3 Questions to ...

Ann-Kathrin Rößling

In our series #NextGen Signalling Scientists, we spotlight Early Career Researchers shaping the future of signalling science at CIBSS. This feature highlights molecular plant biologist Ann-Kathrin Rößling, a researcher at the Institute of Biology II at the Faculty of Biology, University of Freiburg in the research group of Prof. Dr. Jürgen Kleine-Vehn.



Just like a lens focuses on hidden details, my research uncovers the invisible signals shaping plant growth

If your research in biological signalling studies were an object, image, or even a metaphor, what would it be?

If my research into biological signalling studies were an object, it would be the objective lens of a microscope. Just as a lens allows us to focus on intricate details invisible to the naked eye, my work sheds light on the hidden molecular conversations taking place inside plant roots. I use advanced imaging techniques to investigate how plants perceive and respond to their environment at the cellular level and how these signals are transported within a cell. For example, I often study how plant cell walls behave and change their dynamics during certain treatments, which really fascinates me. We ask ourselves questions like: What signals are perceived at the cell surface and how are these signals then conveyed to organelles inside the cell? The lens symbolises both the tools I use and the clarity I seek to uncover signalling mechanisms in plants, one cell at a time.
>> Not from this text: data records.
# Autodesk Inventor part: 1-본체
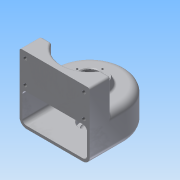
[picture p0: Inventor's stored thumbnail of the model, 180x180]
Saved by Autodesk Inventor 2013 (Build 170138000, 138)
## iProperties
Created: 2015-02
Part Number: 1-본체
Material: 알루미늄 6061
Document SubType Name: Modeling
Designer: MYHOME
Density: 2.40731 g/cm^3
Mass: 511.244 g
Surface Area: 706.56 cm^2
Volume: 212.371 cm^3
Author: MYHOME
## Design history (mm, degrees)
sketch "스케치1"
  geometry: L1 (50, 0)-(50, -50); L2 (-50, 0)-(-50, -50); L3 (-50, -50)-(50, -50); A1 r 50 centre (0, 0) between (50, 0) and (-50, 0); 1 further point
  constraints: 6 end point, 2 point on circle, 2 tangent, 1 centre point, 1 coincident, 1 horizontal, 1 parallel, 1 vertical
  dimensions: "d0" = 50 radius of A1; "d2" = 50 distance of L1.start L1.end
extrude "돌출1" new body sketch "스케치1" distance "d3" = 50; taper "d4" = 0 deg
feature "쉘1" dims "d10" = 4
sketch "스케치2"
  geometry: L1 (-50, 0)-(-50, -50) reference; L2 (-50, -50)-(50, -50) reference; L3 (50, -50)-(50, 0) reference; L4 (-50, -20)-(-34.641, -20); L5 (34.641, -20)-(50, -20); A1 r 50 centre (0, 0) between (50, 0) and (-50, 0) reference; A2 r 40 centre (0, 0) between (-34.641, -20) and (34.641, -20)
  constraints: 4 end point, 2 perpendicular, 2 point on circle, 2 point on line, 1 centre point, 1 coincident, 1 collinear
  dimensions: "d5" = 40 radius of A2; "d7" = 30 distance between parallel lines of L2 L4
extrude "돌출2" join sketch "스케치2" distance "d8" = 45; taper "d9" = 0 deg
sketch "스케치3"
  geometry: C1 r 25 at (0, 0); A1 r 40 centre (0, 0) between (-34.641, -20) and (34.641, -20) reference
  constraints: 1 centre point, 1 coincident
  dimensions: "d11" = 50 diameter of C1
extrude "돌출3" join sketch "스케치3" distance "d13" = 10; taper "d14" = -20 deg
hole "구멍1" diameter "d17" = 20; stored, may be unused: countersink angle "d21" = 90 deg, drill point angle "d23" = 0 deg; dims "d15" = 10, "d16" = 10, "d18" = 6, "d19" = 28, "d20" = 10, "d22" = 14
sketch "스케치4"
  geometry: C1 r 20 at (0, 0); A1 r 50 centre (0, 0) between (50, 0) and (-50, 0) reference
  constraints: 1 centre point, 1 coincident
  dimensions: "d24" = 40 diameter of C1
extrude "돌출4" join sketch "스케치4" distance "d26" = 9; taper "d27" = 0 deg
sketch "스케치5"
  geometry: A1 r 46 centre (0, 0) between (46, 0) and (-46, 0) reference; 1 further point
  constraints: 1 coincident
hole "구멍2" sketch "스케치5" at (0, 0) diameter "d28" = 20; stored, may be unused: countersink angle "d32" = 90 deg, drill point angle "d34" = 0 deg; dims "d29" = 6, "d30" = 28, "d31" = 8, "d33" = 10
sketch "스케치6"
  geometry: L1 (0, 95)-(100, 95) reference; L2 (8.25, 86)-(91.75, 86); L3 (91.75, 86)-(91.75, 53); L4 (91.75, 53)-(8.25, 53); L5 (8.25, 53)-(8.25, 86); L6 (8.25, 86)-(91.75, 53); L7 (91.75, 86)-(8.25, 53); 8 further points
  constraints: 12 end point, 4 coincident, 4 midpoint, 2 parallel, 1 horizontal, 1 perpendicular, 1 vertical alignment
  dimensions: "d35" = 83.5 distance of L2.start L2.end; "d37" = 33 distance of L4.end L2.start; "d38" = 9 distance between parallel lines of L2 L1
hole "구멍3" sketch "스케치6" at (8.25, 86), (91.75, 86), (91.75, 53), (8.25, 53) diameter "d39" = 5.134; stored, may be unused: countersink angle "d43" = 90 deg, drill point angle "d45" = 118 deg; dims "d40" = 10, "d41" = 28, "d42" = 8, "d44" = 13
sketch "스케치7"
  geometry: C1 r 14 at (0, 0) reference; C2 r 21.36 at (0, 0) reference; A1 r 18 centre (0, 0) between (0, 18) and (18, 0); 2 further points
  constraints: 4 point on circle, 2 horizontal alignment, 2 vertical alignment, 1 centre point, 1 coincident
  dimensions: "d46" = 36 diameter of A1
hole "구멍4" sketch "스케치7" at (0, 18), (18, 0), (-18, 0), (0, -18) diameter "d48" = 2.459; stored, may be unused: countersink angle "d52" = 90 deg, drill point angle "d54" = 118 deg; dims "d49" = 6, "d50" = 28, "d51" = 8, "d53" = 9
node "작업 평면1"
sketch "스케치8"
  geometry: L1 (0, 0)-(-100, 0) reference; 3 further points
  constraints: 1 midpoint, 1 vertical alignment, 1 other
  dimensions: "d56" = 25 distance from line of L1 point (-50, 25)
feature "엠보싱1" sketch "스케치8" dims "d0" = 50, "d2" = 50, "d57" = 0.5, "d58" = 0
fillet "모깎기1" dims "d59" = 10, "d60" = 6, "d61" = 0.3
fillet "모깎기2" dims "d62" = 3
fillet "모깎기3" dims "d63" = 3
fillet "모깎기4" dims "d64" = 3
chamfer "모따기1" distance "d65" = 1; stored, may be unused: second distance "d66" = 2, angle "d67" = 45 deg
node "솔리드1"

Research is full of surprises, setbacks, and breakthroughs: What moment in your work, which discovery, challenge, or unexpected twist has been especially surprising or shaped your perspective? And what keeps you motivated to explore biological signalling further?

As I prepared for my first conference early in my PhD, I felt stuck trying to figure out how to share my research and explain ideas that seemed so clear in my head. To my surprise, one of the most rewarding aspects of my research turned out to be finding creative ways to illustrate complex biological signalling pathways. I always used to scribble nearby when I was reading papers and trying to understand them, so I turned those scribbles into graphics that I use to communicate what I am working on. This went so well that I had the privilege of illustrating our latest publication with a scheme (Rößling et al., 2024 (eLife), DOI: 10.7554/eLife.96943.3).

Figure 5 I, J summarises the findings of the paper Rößling et al., 2024 (eLife). In a nutshell: at the cell surface, a receptor (FERONIA) perceives signals from the cell wall matrix. There is an interaction between the cell wall component pectin and a ligand of FER (a peptide hormone called RALF1). Together they inform FER about the cell wall status, which leads to further transport of the message downstream within the plant cell.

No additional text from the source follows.